All companies said their decisions were based on the “humanitarian crisis” in Ukraine, rather than as a result of sanctions that have been imposed.
Finance
Payment giants Visa, Mastercard, American Express and PayPal are pulling out of the Russian market in protest.
Russian banks have, however, already downplayed the impact of the announcements on their clients.
Sberbank, for example, said that Visa and Mastercard-branded cards would continue to work on Russian territory because all payments in Russia are made through a national system.
However, domestically issued cards won’t work abroad, and foreign-issued ones won’t work inside the country.
US investment bank Goldman Sachs has said it is closing its operations in Russia, becoming the first Wall Street bank to pull out. The bank said it was doing so in compliance with regulatory and licensing requirements.
Cars
Jaguar Land Rover, General Motors, Aston Martin and Rolls-Royce are among the car-makers that have halted deliveries of vehicles to Russia due to the conflict, while construction equipment manufacturer JCB has paused all operations.

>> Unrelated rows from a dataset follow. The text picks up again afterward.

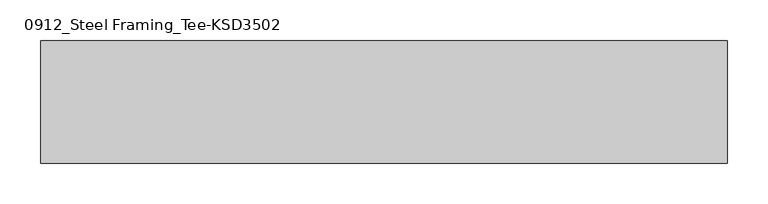
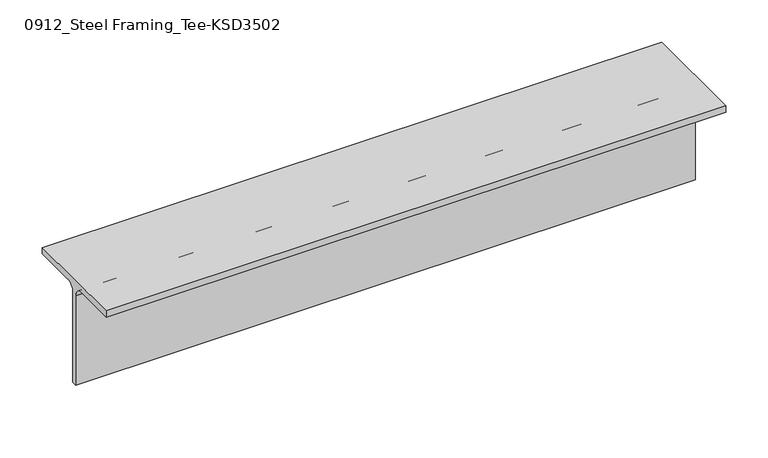
"""IFC4 building model written with IfcOpenShell, lengths in millimetres: member geometry, 0912_Steel Framing_Tee-KSD3502 : H_SB_ASB_CT-150x150x6.5x9."""

from ifc_helpers import new_model, si_unit, point, frame, frame_2d, origin, place, context, project, spatial, polyline, circle_curve, trimmed, segment, composite_curve, outline, extrude, source, transform, mapped, element, save


def member_0912_steel_framing_tee_ksd3502_cf0d02a6(model_context):
    return source(origin(), model_context, "Body", "SweptSolid", [
        extrude(outline(composite_curve([segment(polyline([(-75.0, 75.0), (75.0, 75.0), (75.0, 66.0), (16.25, 66.0)]), True, "CONTINUOUS"), segment(trimmed(circle_curve(frame_2d((16.25, 53.0)), 13.0), [point((16.25, 66.0))], [point((3.25, 53.0))], True, "CARTESIAN"), True, "CONTINUOUS"), segment(polyline([(3.25, 53.0), (3.25, -75.0), (-3.25, -75.0), (-3.25, 53.0)]), True, "CONTINUOUS"), segment(trimmed(circle_curve(frame_2d((-16.25, 53.0)), 13.0), [point((-3.25, 53.0))], [point((-16.25, 66.0))], True, "CARTESIAN"), True, "CONTINUOUS"), segment(polyline([(-16.25, 66.0), (-75.0, 66.0), (-75.0, 75.0)]), True, "CONTINUOUS")], self_intersect=False)), frame((-341.5, 0.0, 0.0), z_axis=(1.0, 0.0, 0.0), x_axis=(0.0, 1.0, 0.0)), (0.0, 0.0, 1.0), 841.5),
    ])


if __name__ == "__main__":
    model = new_model("IFC4")
    model_context = context("Model", 3, world=origin())
    ifc_project = project(units=[si_unit("LENGTHUNIT", "METRE", prefix="MILLI")], contexts=[model_context])
    site = spatial("IfcSite", under=ifc_project)
    building = spatial("IfcBuilding", under=site)
    placement = place(None, origin())
    member_0912_steel_framing_tee_ksd3502_shape = member_0912_steel_framing_tee_ksd3502_cf0d02a6(model_context)
    element("IfcMember", 1, ObjectType="0912_Steel Framing_Tee-KSD3502 : H_SB_ASB_CT-150x150x6.5x9", at=placement, inside=building, context=model_context, shape_type="MappedRepresentation", body=[
        mapped(member_0912_steel_framing_tee_ksd3502_shape, transform((0.0, 0.0, 0.0), x_axis=(1.0, 0.0, 0.0), y_axis=(0.0, 1.0, 0.0), z_axis=(0.0, 0.0, 1.0))),
    ])
    save(model, "model.ifc")

# Revit data of these elements
# Type "0912_Steel Framing_Tee-KSD3502 : H_SB_ASB_CT-150x150x6.5x9"
#   H_WM Code_1 = "S01AA003-00001 | Main Steel Structure Fabrication Work | Shelter/Building | Light Steel - Standard (30KG/M>Weight) | Material: (   )"
#   H_WM Code_2 = "S03AA029-00001 | Main Steel Structure Erection Work | Shelter/Building | Light Steel (30KG/M>Weight) | Material: (   )"
#   H_WM Code_3 = "S01AA010-00001 | Main Steel Structure Fabrication Work | Shelter/Building | Steel Painting/Coating | for Non-Fireproofed Steel Surface, Surface Preparation, Primer, Second & Final Coat | Material: (   )"
#   H_Q'ty Cal Type Tag = "SB-Q2"
#   Width = 15.0 cm
#   Web Thickness = 0.65 cm
#   Web Fillet = 1.3 cm
#   Section Area = 23.39 cm²
#   Perimeter = 0.60 m²/m
#   Nominal Weight = 18.40 kgf/m
#   Height = 15.0 cm
#   Flange Thickness = 0.9 cm
#   Centroid Vertical = 7.5 cm
#   Centroid Horizontal = 7.5 cm
#   Length [instance default] = 1.5000 m
#   Structural Material [instance default] = Steel, 45-345
#   Warping Constant = (empty or 0)
#   Torsional Moment of Inertia = 0
#   Section Name Key = ""
#   Plastic Modulus weak axis = 0
#   Plastic Modulus strong axis = 0
#   Moment of Inertia weak axis = 0
#   Moment of Inertia strong axis = 0
#   Elastic Modulus weak axis = 0
#   Elastic Modulus strong axis = 0
#   Bolt Spacing = 0
#   Assembly Code = ""
# Element 1 (IfcMember, "0912_Steel Framing_Tee-KSD3502 : H_SB_ASB_CT-150x150x6.5x9")
#   Structural Material = none
# Materials
#   "Steel, 45-345": class "Metal", colour RGB 189 187 185, transparency 0, Description = "Steel 345 MPa", Cost = 0

Cars are the biggest UK export to Russia, but still only 1% of UK cars went to Russia last year.
So any decision to stop exporting won’t be particularly costly, and will have been made easier by nagging concerns over whether or not payments will arrive, says investment analyst Russ Mould.
Transporting cars to Russia could prove difficult anyway, with the world’s two largest cargo shipping companies, MSC and Maersk, suspending routes to and from Russia, except for food, medical and humanitarian supply deliveries.
Which firms remain?
While the flood of announcements from companies stepping back goes on, there are calls for more to join them.
Attention has turned to big food firms like Burger King who have condemned Russia’s actions and have pledged support for Ukraine, but are yet to pull out.
Some firms will also find it much harder to extricate themselves, even if pressure mounts in the coming days and weeks.
In retaliation against sanctions introduced by Western countries, Moscow has banned the sale of Russian assets. So firms that, in recent years, have been encouraged to establish a presence in Russia are “locked in” with local businesses, staff and supply chains.
Marks & Spencer, for example, has 48 shops in Russia but they are operated by a Turkish franchise company called FiBA. M&S has said it is suspending shipments of its goods to FiBA’s Russian business, but the shops in the country remain open.
Restaurant Brands International, which owns Burger King, told the BBC its Russian outlets were operated by franchisees with which it had “long-standing legal agreements” that were not easy to change.
Yum Brands, which owns KFC and Pizza Hut, said it was suspending operations in the Russian KFC restaurants it owns, and finalising an agreement with its main franchisee to temporarily halt Pizza Hut operations.
Mr Weafer predicts it is likely that some large consumer brands may express concerns over the military conflict, but try to “ride it out”.
For instance, British American Tobacco has said it is suspending its operations in Ukraine to ensure the “safety and wellbeing” of its staff, but its work in Russia will continue. It says it is complying will all international sanctions.